When two conservation laws come into conflict
Everyone knows the capacitor and that it can be used to store energy. If its capacitance is C and the charge accumulated on its plates is Q, then the amount of energy stored in the capacitor is equal to Q2/2C. Observe the characteristic coefficient: 1/2. Naively one might assume, that if the voltage on the plates is Q/C, then the energy should be equal to the product of the voltage Q/C and the charge Q, which would yield Q2/C.
The explanation is quite simple. If we were to draw electricity from the capacitor and thus gradually discharge it, the voltage would be falling down; thus only the initial charge portions would have voltage Q/C, whereas the final ones would go through a difference of potentials tending to zero. The mean voltage would then be equal to (1/2)(Q/C + 0) and this is the reason for the appearance of the coefficient 1/2 in the total energy formula. The same mechanism stands behind the appearance of an analogous coefficient in the formulae for the energy of a strained spring, for the distance in a uniformly accelerated motion and for many other phenomena. This is the very coefficient a certain priest had in mind when after being hit on the head by a falling flower-pot he sighed thankfully: "Be praised, my Lord, for making kinetic energy equal to only half of mv2!"

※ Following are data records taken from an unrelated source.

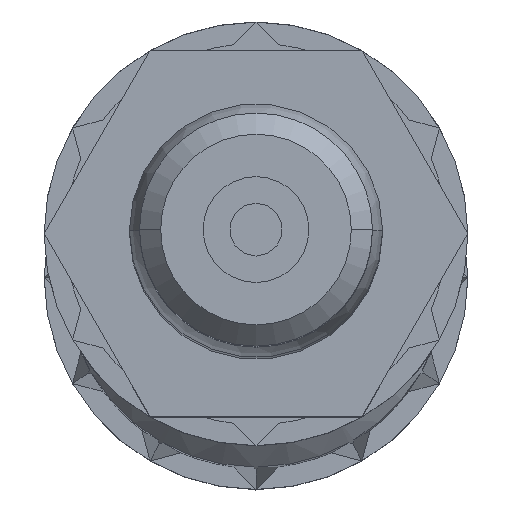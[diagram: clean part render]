
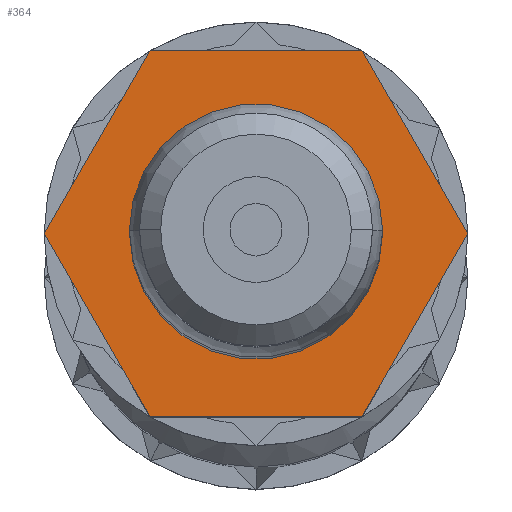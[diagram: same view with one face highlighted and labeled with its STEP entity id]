
A CAD part, top view. The second image highlights one B-rep face of the part: STEP entity #364.
In plain terms, the highlighted planar face has unit normal (0, 0, 1).
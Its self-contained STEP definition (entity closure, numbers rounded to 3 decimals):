
#80 = CARTESIAN_POINT ( 'NONE',  ( 1.1, 0., 151. ) ) ;
#118 = CARTESIAN_POINT ( 'NONE',  ( -1.1, 0., 151. ) ) ;
#124 = AXIS2_PLACEMENT_3D ( 'NONE', #2204, #2662, #422 ) ;
#167 = DIRECTION ( 'NONE',  ( 0., 0., -1. ) ) ;
#172 = VECTOR ( 'NONE', #901, 1000. ) ;
#210 = CARTESIAN_POINT ( 'NONE',  ( -2., 0., 151. ) ) ;
#233 = ORIENTED_EDGE ( 'NONE', *, *, #5026, .T. ) ;
#326 = CARTESIAN_POINT ( 'NONE',  ( 1.1, 0., 151. ) ) ;
#339 = CARTESIAN_POINT ( 'NONE',  ( -2., 0., 151. ) ) ;
#364 = ADVANCED_FACE ( 'NONE', ( #4656, #1890 ), #1361, .F. ) ;
#405 = ORIENTED_EDGE ( 'NONE', *, *, #1441, .T. ) ;
#422 = DIRECTION ( 'NONE',  ( -1., 0., 0. ) ) ;
#453 = DIRECTION ( 'NONE',  ( 0., 0., -1. ) ) ;
#482 = ORIENTED_EDGE ( 'NONE', *, *, #866, .T. ) ;
#485 = AXIS2_PLACEMENT_3D ( 'NONE', #80, #453, #1814 ) ;
#514 = CARTESIAN_POINT ( 'NONE',  ( 1., 1.732, 151. ) ) ;
#529 = LINE ( 'NONE', #1874, #172 ) ;
#681 = LINE ( 'NONE', #4776, #5138 ) ;
#866 = EDGE_CURVE ( 'NONE', #5375, #5781, #3241, .T. ) ;
#898 = ORIENTED_EDGE ( 'NONE', *, *, #4835, .T. ) ;
#901 = DIRECTION ( 'NONE',  ( -0.5, -0.866, 0. ) ) ;
#904 = CARTESIAN_POINT ( 'NONE',  ( 2., 0., 151. ) ) ;
#1123 = CARTESIAN_POINT ( 'NONE',  ( -1., -1.732, 151. ) ) ;
#1312 = VERTEX_POINT ( 'NONE', #4369 ) ;
#1361 = PLANE ( 'NONE',  #485 ) ;
#1441 = EDGE_CURVE ( 'NONE', #4237, #1312, #2736, .T. ) ;
#1461 = VECTOR ( 'NONE', #3183, 1000. ) ;
#1508 = CARTESIAN_POINT ( 'NONE',  ( 0., 0., 151. ) ) ;
#1587 = DIRECTION ( 'NONE',  ( 1., 0., 0. ) ) ;
#1613 = CARTESIAN_POINT ( 'NONE',  ( -1., -1.732, 151. ) ) ;
#1647 = EDGE_CURVE ( 'NONE', #3095, #4164, #4574, .T. ) ;
#1814 = DIRECTION ( 'NONE',  ( -1., 0., 0. ) ) ;
#1874 = CARTESIAN_POINT ( 'NONE',  ( -1., 1.732, 151. ) ) ;
#1890 = FACE_OUTER_BOUND ( 'NONE', #5645, .T. ) ;
#1973 = DIRECTION ( 'NONE',  ( -1., 0., 0. ) ) ;
#2061 = DIRECTION ( 'NONE',  ( 0.5, 0.866, 0. ) ) ;
#2164 = VECTOR ( 'NONE', #1587, 1000. ) ;
#2204 = CARTESIAN_POINT ( 'NONE',  ( 0., 0., 151. ) ) ;
#2401 = LINE ( 'NONE', #339, #2910 ) ;
#2490 = EDGE_CURVE ( 'NONE', #4164, #4881, #681, .T. ) ;
#2662 = DIRECTION ( 'NONE',  ( 0., 0., -1. ) ) ;
#2690 = LINE ( 'NONE', #904, #1461 ) ;
#2736 = LINE ( 'NONE', #514, #4858 ) ;
#2891 = EDGE_CURVE ( 'NONE', #1312, #4732, #529, .T. ) ;
#2910 = VECTOR ( 'NONE', #3925, 1000. ) ;
#2974 = EDGE_CURVE ( 'NONE', #5781, #5375, #3434, .T. ) ;
#3040 = CARTESIAN_POINT ( 'NONE',  ( 1., -1.732, 151. ) ) ;
#3095 = VERTEX_POINT ( 'NONE', #1123 ) ;
#3183 = DIRECTION ( 'NONE',  ( -0.5, 0.866, 0. ) ) ;
#3241 = CIRCLE ( 'NONE', #124, 1.1 ) ;
#3434 = CIRCLE ( 'NONE', #3786, 1.1 ) ;
#3786 = AXIS2_PLACEMENT_3D ( 'NONE', #1508, #167, #1973 ) ;
#3864 = ORIENTED_EDGE ( 'NONE', *, *, #2490, .T. ) ;
#3925 = DIRECTION ( 'NONE',  ( 0.5, -0.866, 0. ) ) ;
#4082 = ORIENTED_EDGE ( 'NONE', *, *, #1647, .T. ) ;
#4089 = EDGE_LOOP ( 'NONE', ( #5024, #482 ) ) ;
#4164 = VERTEX_POINT ( 'NONE', #3040 ) ;
#4237 = VERTEX_POINT ( 'NONE', #4511 ) ;
#4369 = CARTESIAN_POINT ( 'NONE',  ( -1., 1.732, 151. ) ) ;
#4511 = CARTESIAN_POINT ( 'NONE',  ( 1., 1.732, 151. ) ) ;
#4574 = LINE ( 'NONE', #1613, #2164 ) ;
#4652 = DIRECTION ( 'NONE',  ( -1., 0., 0. ) ) ;
#4656 = FACE_BOUND ( 'NONE', #4089, .T. ) ;
#4732 = VERTEX_POINT ( 'NONE', #210 ) ;
#4776 = CARTESIAN_POINT ( 'NONE',  ( 1., -1.732, 151. ) ) ;
#4835 = EDGE_CURVE ( 'NONE', #4732, #3095, #2401, .T. ) ;
#4858 = VECTOR ( 'NONE', #4652, 1000. ) ;
#4881 = VERTEX_POINT ( 'NONE', #5732 ) ;
#5024 = ORIENTED_EDGE ( 'NONE', *, *, #2974, .T. ) ;
#5026 = EDGE_CURVE ( 'NONE', #4881, #4237, #2690, .T. ) ;
#5138 = VECTOR ( 'NONE', #2061, 1000. ) ;
#5275 = ORIENTED_EDGE ( 'NONE', *, *, #2891, .T. ) ;
#5375 = VERTEX_POINT ( 'NONE', #326 ) ;
#5645 = EDGE_LOOP ( 'NONE', ( #3864, #233, #405, #5275, #898, #4082 ) ) ;
#5732 = CARTESIAN_POINT ( 'NONE',  ( 2., 0., 151. ) ) ;
#5781 = VERTEX_POINT ( 'NONE', #118 ) ;

Let's prepare two identical capacitors and let only one of them be initially charged. What would happen if we joined the two? Undoubtedly both the energy and the charge would distribute between both capacitors. Being identical, at the end of the process they would have equal energies and charges. Keeping in mind the conservation laws for energy on the one hand and for the charge on the other, we might expect that the charge on each of the capacitors be equal to Q/2 and the energy be Q2/4C. Alas, this is impossible! Indeed, substituting Q/2 into the general capacitor energy formula we get Q2/8C. Multiplying this latter value by 2 (we have two capacitors, don't we?) the total energy we get is only half of the initial value. If we assume that the final total charge is equal to the initial one, we somehow lose half of the energy. On the other hand, if we insisted on conserving the energy, the charge would have to increase beyond understanding.
Which conservation law is to be given priority in our example? It seems to be quite clear that the charge must have it. There is no human force able to destroy it or to create it, there is no way of hiding a charge or overlooking it.
Well, obviously, the energy cannot be destroyed either. However, it may assume so many different forms, that a superficial analysis may easily overlook some mechanisms of its transformation. This is exactly what happened in our case. If instead of joining directly the plates of the two capacitors we used a conductor with a given electric resistance (as in the figure), the escape of energy would be more visible, if not obvious. Electricity would flow in the process of balancing the electric forces (and the charges) and the resistor would give off heat (Joule-Lenz). It may seem that the loss of heat can be reduced by making the resistance small, but this is just an illusion. The heat released in the process can be easily computed to prove that its value does not depend on the resistance and that, obviously, its value corresponds exactly to the loss of electrostatic energy with respect to the initial energy value.
The computation needed to arrive at this result is very simple. In particular, there is no need at all to determine the discharge distribution in time. Just observe that when a charge X is transferred from the plate of one capacitor to the plate of the other, the voltage in the first decreases by X/C and that in the second increases by the same value. Thus the difference of potentials at both resistor ends decreases by 2X/C. During the process the transfer of half of the initial charge causes a (linear with respect to X) voltage drop on the connecting resistor, going from the initial value of Q/C to the final value 0. Thus the mean voltage is equal to Q/2C and the transfer of a charge Q/2 releases (Q/2)(Q/2C) of heat, i.e. exactly the amount of energy we "lost" in our first computation.
This solution of the not very complex paradox presented in the beginning does not completely solve the problem. In fact, it is correct only if we ignore the inductance of the loop formed by the two capacitors and the conductors which join them (even if these are reduced to mere tips). Moreover, other phenomena may appear, like sparking, electromagnetic waves or noises. In any case, one thing remains beyond any doubt: in each particular case exactly one half of the initial electrostatic energy will be dissipated into the environment.